3 In the meantime, on 2 December 2003, Projector applied to discharge the injunction. The matter was heard before Belinda Ang Saw Ean J on 19 May 2004: see Marubeni International Petroleum (S) Pte Ltd v Projector SA
(a) the injunction be discharged on the condition that the cash deposits in the South Korean court be retained to abide the outcome of the proceedings in Korea;
(b) Projector’s prayers in relation to damages and costs be reserved to the trial judge; and
(c) each party be given a general liberty to apply in connection with the orders made.
4 Projector was dissatisfied with the above orders and filed a notice of appeal on 18 June 2004. The notice stated that the appeal was against such part only of the decision as reserved the questions of an inquiry into damages and costs to the trial judge. On 6 July 2004, however, Projector filed an application before the Court of Appeal for liberty to amend its notice of appeal to include an appeal against that part of Ang J’s orders which imposed the condition that the cash deposit be retained in the South Korean court pending the outcome of those proceedings. This was the application that was placed before Woo J for hearing pursuant to s 36(1) of the Act.
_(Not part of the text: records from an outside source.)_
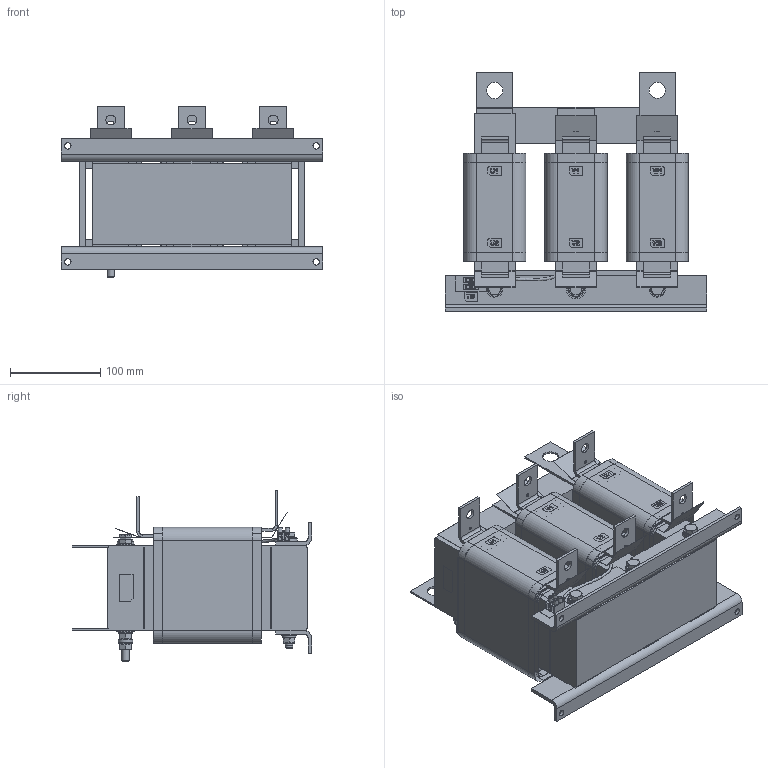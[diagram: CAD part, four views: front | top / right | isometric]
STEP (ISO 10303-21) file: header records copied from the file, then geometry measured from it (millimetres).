
FILE_DESCRIPTION(/* description */ ('raw material description'),/* implementation_level */ '2;1');
FILE_NAME(/* name */ 'C:\Users\Erika.Jenzer\Desktop\Neuer Ordner\FN5060HV-115-99.stp',/* time_stamp */ '2019-11-18T13:58:37+01:00',/* author */ ('erika.jenzer'),/* organization */ ('Schaffner EMV AG'),/* preprocessor_version */ 'ST-DEVELOPER v16.5',/* originating_system */ 'Autodesk Inventor 2017',/* authorisation */ '');
FILE_SCHEMA (('AUTOMOTIVE_DESIGN { 1 0 10303 214 3 1 1 }'));
Products named in the file (1): FN5060HV-115-99
Bounding box: 290 x 265.07 x 189.54 mm (x, y, z)
Volume: 4365119.8 mm3; surface area: 979931.9 mm2
Topology: 39 solids, 49 shells, 1893 faces, 4934 edges, 3220 vertices
Faces by surface type: plane 1262, cylinder 403, cone 130, bspline 79, torus 18, sphere 1
Full cylindrical faces by diameter (mm): 0.01 x2, 1 x2, 2 x2, 2.5 x1, 2.8 x11, 3 x1, 3.4 x4, 7 x4, 8 x13, 8.2 x6, 8.4 x13, 9.9 x5, 10.5 x3, 11 x16, 11.4 x6, 13 x1, 16 x11, 18 x7, 20 x2
Entity records: 60137 total; most frequent: CARTESIAN_POINT 12768, ORIENTED_EDGE 9432, DIRECTION 9023, EDGE_CURVE 4709, LINE 3323, VECTOR 3323, VERTEX_POINT 3165, AXIS2_PLACEMENT_3D 2850
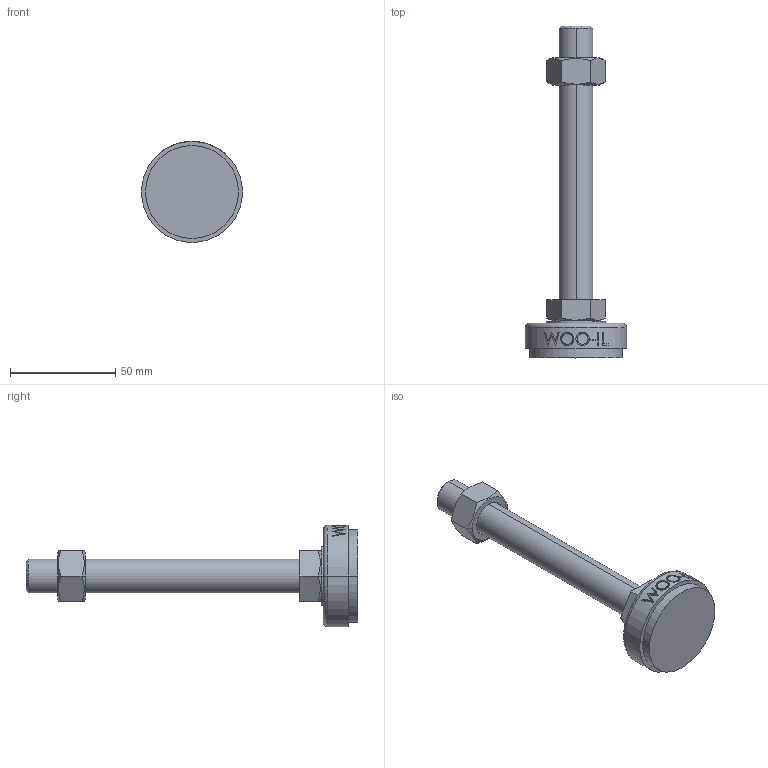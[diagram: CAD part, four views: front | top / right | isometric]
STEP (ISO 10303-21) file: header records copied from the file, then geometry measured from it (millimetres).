
FILE_DESCRIPTION (( 'STEP AP214' ), '1' );
FILE_NAME ('NS48-M16-130.step', '2021-01-11T05:43:55', ( '' ), ( '' ), 'SwSTEP 2.0', 'SolidWorks 2019', '' );
FILE_SCHEMA (( 'AUTOMOTIVE_DESIGN' ));
Length unit declared in the file: millimetre
Products named in the file (2): NS48-M16-130
Bounding box: 48 x 157.5 x 48 mm (x, y, z)
Volume: 63874.6 mm3; surface area: 16530.5 mm2
Topology: 3 solids, 3 shells, 96 faces, 223 edges, 144 vertices
Faces by surface type: plane 48, cylinder 18, bspline 16, cone 12, torus 2
Entity records: 4250 total; most frequent: CARTESIAN_POINT 2125, ORIENTED_EDGE 446, DIRECTION 381, EDGE_CURVE 223, VERTEX_POINT 144, AXIS2_PLACEMENT_3D 142, EDGE_LOOP 109, LINE 97
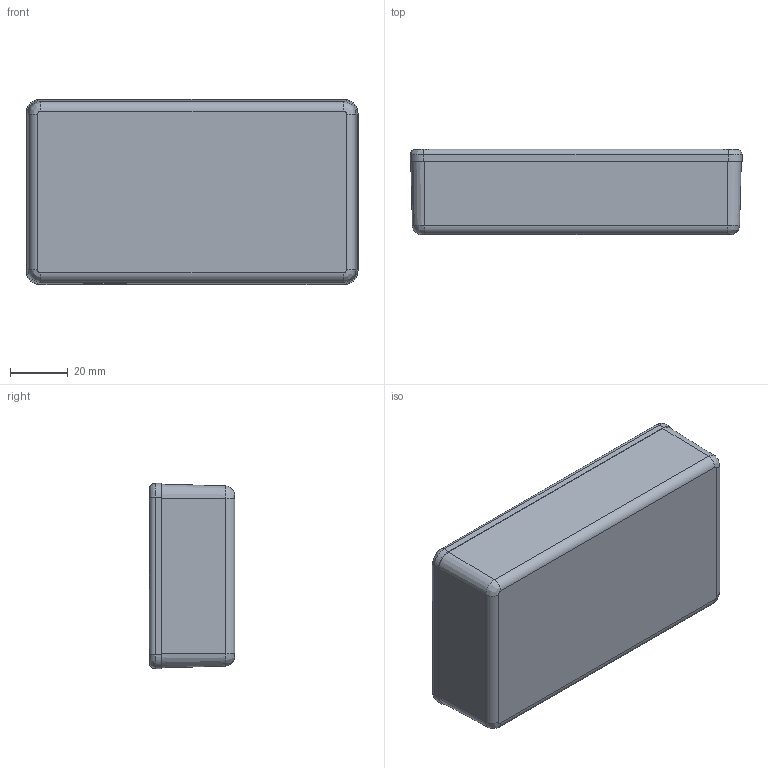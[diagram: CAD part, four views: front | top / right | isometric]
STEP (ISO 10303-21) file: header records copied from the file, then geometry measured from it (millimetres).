
FILE_DESCRIPTION (( 'STEP AP214' ), '1' );
FILE_NAME ('Enclosure.STEP', '2020-05-21T20:18:29', ( '' ), ( '' ), 'SwSTEP 2.0', 'SolidWorks 2019', '' );
FILE_SCHEMA (( 'AUTOMOTIVE_DESIGN' ));
Length unit declared in the file: inch
Products named in the file (4): Deltron Enclosures-deltron-460-0020-sealed-aluminium-enclosure_4 Hole General Purpose Enclosure_B-Box_1.STEP; Enclosure; Deltron Enclosures-deltron-460-0020-sealed-aluminium-enclosure_4 Hole General Purpose Enclosure Lid_Box B Lid_1.STEP; enclosure2.STEP
Assembly tree (3 placements, depth 3):
  Enclosure
    enclosure2.STEP
      Deltron Enclosures-deltron-460-0020-sealed-aluminium-enclosure_4 Hole General Purpose Enclosure_B-Box_1.STEP
      Deltron Enclosures-deltron-460-0020-sealed-aluminium-enclosure_4 Hole General Purpose Enclosure Lid_Box B Lid_1.STEP
Bounding box: 114.8 x 29.5 x 64.1 mm (x, y, z)
Volume: 40829.9 mm3; surface area: 48437.7 mm2
Topology: 2 solids, 2 shells, 533 faces, 1467 edges, 960 vertices
Faces by surface type: plane 276, bspline 145, cone 76, cylinder 36
Entity records: 23269 total; most frequent: CARTESIAN_POINT 6563, ORIENTED_EDGE 2918, DIRECTION 2125, EDGE_CURVE 1459, VERTEX_POINT 960, LINE 915, VECTOR 915, AXIS2_PLACEMENT_3D 605
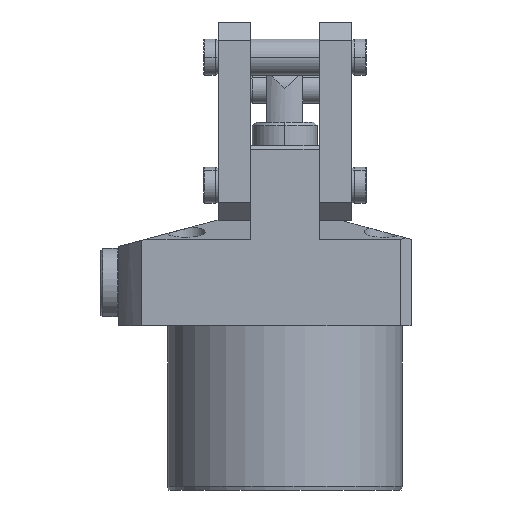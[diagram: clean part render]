
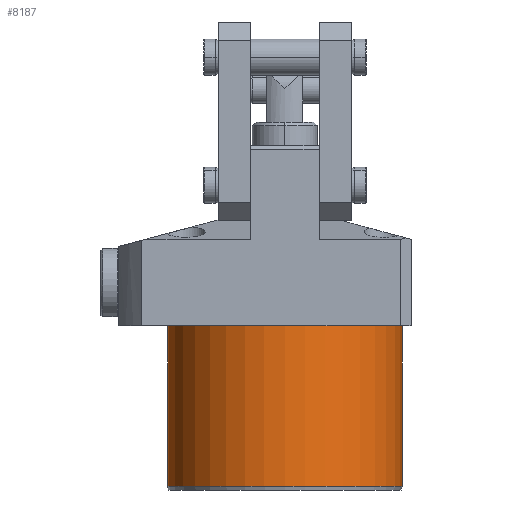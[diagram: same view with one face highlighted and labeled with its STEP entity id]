
A CAD part, front view. The second image highlights one B-rep face of the part: STEP entity #8187.
In plain terms, the highlighted cylindrical face has radius 32.5 mm (diameter 65 mm), a partial arc.
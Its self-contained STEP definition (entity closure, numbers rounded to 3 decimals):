
#243 = EDGE_CURVE ( 'NONE', #13044, #5804, #7047, .T. ) ;
#585 = VERTEX_POINT ( 'NONE', #7177 ) ;
#1015 = VECTOR ( 'NONE', #12150, 1000. ) ;
#1071 = DIRECTION ( 'NONE',  ( 0., 0., 1. ) ) ;
#1080 = ORIENTED_EDGE ( 'NONE', *, *, #12328, .T. ) ;
#1595 = DIRECTION ( 'NONE',  ( 0., 0., 1. ) ) ;
#3228 = DIRECTION ( 'NONE',  ( 0., 0., -1. ) ) ;
#3457 = AXIS2_PLACEMENT_3D ( 'NONE', #9805, #1595, #11135 ) ;
#3798 = CYLINDRICAL_SURFACE ( 'NONE', #5249, 32.5 ) ;
#3837 = CARTESIAN_POINT ( 'NONE',  ( -32.5, 0., -45.5 ) ) ;
#3880 = ORIENTED_EDGE ( 'NONE', *, *, #5213, .T. ) ;
#4242 = FACE_OUTER_BOUND ( 'NONE', #12475, .T. ) ;
#4675 = LINE ( 'NONE', #8110, #1015 ) ;
#5213 = EDGE_CURVE ( 'NONE', #585, #11275, #15642, .T. ) ;
#5214 = DIRECTION ( 'NONE',  ( 1., 0., 0. ) ) ;
#5249 = AXIS2_PLACEMENT_3D ( 'NONE', #9313, #17281, #5214 ) ;
#5804 = VERTEX_POINT ( 'NONE', #11561 ) ;
#7047 = CIRCLE ( 'NONE', #3457, 32.5 ) ;
#7098 = ORIENTED_EDGE ( 'NONE', *, *, #243, .T. ) ;
#7177 = CARTESIAN_POINT ( 'NONE',  ( 32.5, 0., 0. ) ) ;
#8110 = CARTESIAN_POINT ( 'NONE',  ( 32.5, 0., -45.5 ) ) ;
#8187 = ADVANCED_FACE ( 'NONE', ( #4242 ), #3798, .T. ) ;
#9197 = VECTOR ( 'NONE', #1071, 1000. ) ;
#9285 = CARTESIAN_POINT ( 'NONE',  ( -32.5, 0., 0. ) ) ;
#9313 = CARTESIAN_POINT ( 'NONE',  ( 0., 0., -45.5 ) ) ;
#9805 = CARTESIAN_POINT ( 'NONE',  ( 0., 0., -44.5 ) ) ;
#11135 = DIRECTION ( 'NONE',  ( -1., 0., 0. ) ) ;
#11275 = VERTEX_POINT ( 'NONE', #9285 ) ;
#11309 = EDGE_CURVE ( 'NONE', #13044, #11275, #16260, .T. ) ;
#11372 = CARTESIAN_POINT ( 'NONE',  ( 0., 0., 0. ) ) ;
#11561 = CARTESIAN_POINT ( 'NONE',  ( 32.5, 0., -44.5 ) ) ;
#12150 = DIRECTION ( 'NONE',  ( 0., 0., 1. ) ) ;
#12328 = EDGE_CURVE ( 'NONE', #5804, #585, #4675, .T. ) ;
#12475 = EDGE_LOOP ( 'NONE', ( #12967, #7098, #1080, #3880 ) ) ;
#12694 = DIRECTION ( 'NONE',  ( 1., 0., 0. ) ) ;
#12967 = ORIENTED_EDGE ( 'NONE', *, *, #11309, .F. ) ;
#13044 = VERTEX_POINT ( 'NONE', #15301 ) ;
#13135 = AXIS2_PLACEMENT_3D ( 'NONE', #11372, #3228, #12694 ) ;
#15301 = CARTESIAN_POINT ( 'NONE',  ( -32.5, 0., -44.5 ) ) ;
#15642 = CIRCLE ( 'NONE', #13135, 32.5 ) ;
#16260 = LINE ( 'NONE', #3837, #9197 ) ;
#17281 = DIRECTION ( 'NONE',  ( 0., 0., 1. ) ) ;

5 Woo J dismissed the application with costs. He noted that the decision of this court in Leong Mei Chuan v Chan Teck Hock David
6 Woo J then pointed out that in the two affidavits of Mr Govind Asokan, a partner in the local firm of solicitors representing Projector, there was a contradiction in the explanation given as to why the appeal against the condition was initially not included in the Notice of Appeal. He found that in the first affidavit the reason given was that there was “miscommunication within [the] firm”, but in the second affidavit, the reason was that there was a “miscommunication in the taking of instructions from clients who [were] overseas”. It turned out that Projector’s solicitors were taking instructions from English solicitors in Singapore so the statement in the second affidavit was inaccurate. The judge found that there was, in reality, no miscommunication. It seemed to him that a deliberate decision had been taken with the benefit of advice from solicitors with regard to the contents of the notice of appeal. In view of these circumstances and the lack of candour in the supporting affidavits, Woo J dismissed the application.
7 We allowed Projector’s application and set aside the order made on 16 July 2004 by Woo J. We then granted Projector leave to amend its notice of appeal by adding an appeal against the condition imposed in relation to the cash deposits. We now give our reasons for this decision.
The applicable principles
8 The only local case that deals with the issue of amendment of a notice of appeal is the Leong Mei Chuan decision. This court held (per L P Thean JA at [15]) that the stringent standards required in an application for extension of time to file an appeal are not absolute and applicable to all cases where an extension of time is sought. The resolution of problems like an application for leave to amend a notice of appeal cannot be governed by a single universally applicable rule of thumb. A rigid, mechanistic approach would be inappropriate. The court, therefore, was stating that in certain areas of procedural default, the barrier to correcting such defaults should not be raised too high. This is clear from the way that the decision was arrived at. In the course of his judgment, L P Thean JA quoted extensively from the “salutary observations” made in the English Court of Appeal case of Costellow v Somerset County Council [1993] 1 All ER 952. One of the passages cited was the following portion of the judgment of Sir Thomas Bingham MR (at 960):
Save in special or exceptional circumstances, it can rarely be appropriate, on an overall assessment of what justice requires, to deny the plaintiff an extension [of time to file the statement of claim] (where the denial will stifle his action) because of a procedural default which, even if unjustifiable, has caused the defendant no prejudice for which he cannot be compensated by an award of costs. In short, an application under O 3 r 5 should ordinarily be granted where the overall justice of the case requires that the action be allowed to proceed.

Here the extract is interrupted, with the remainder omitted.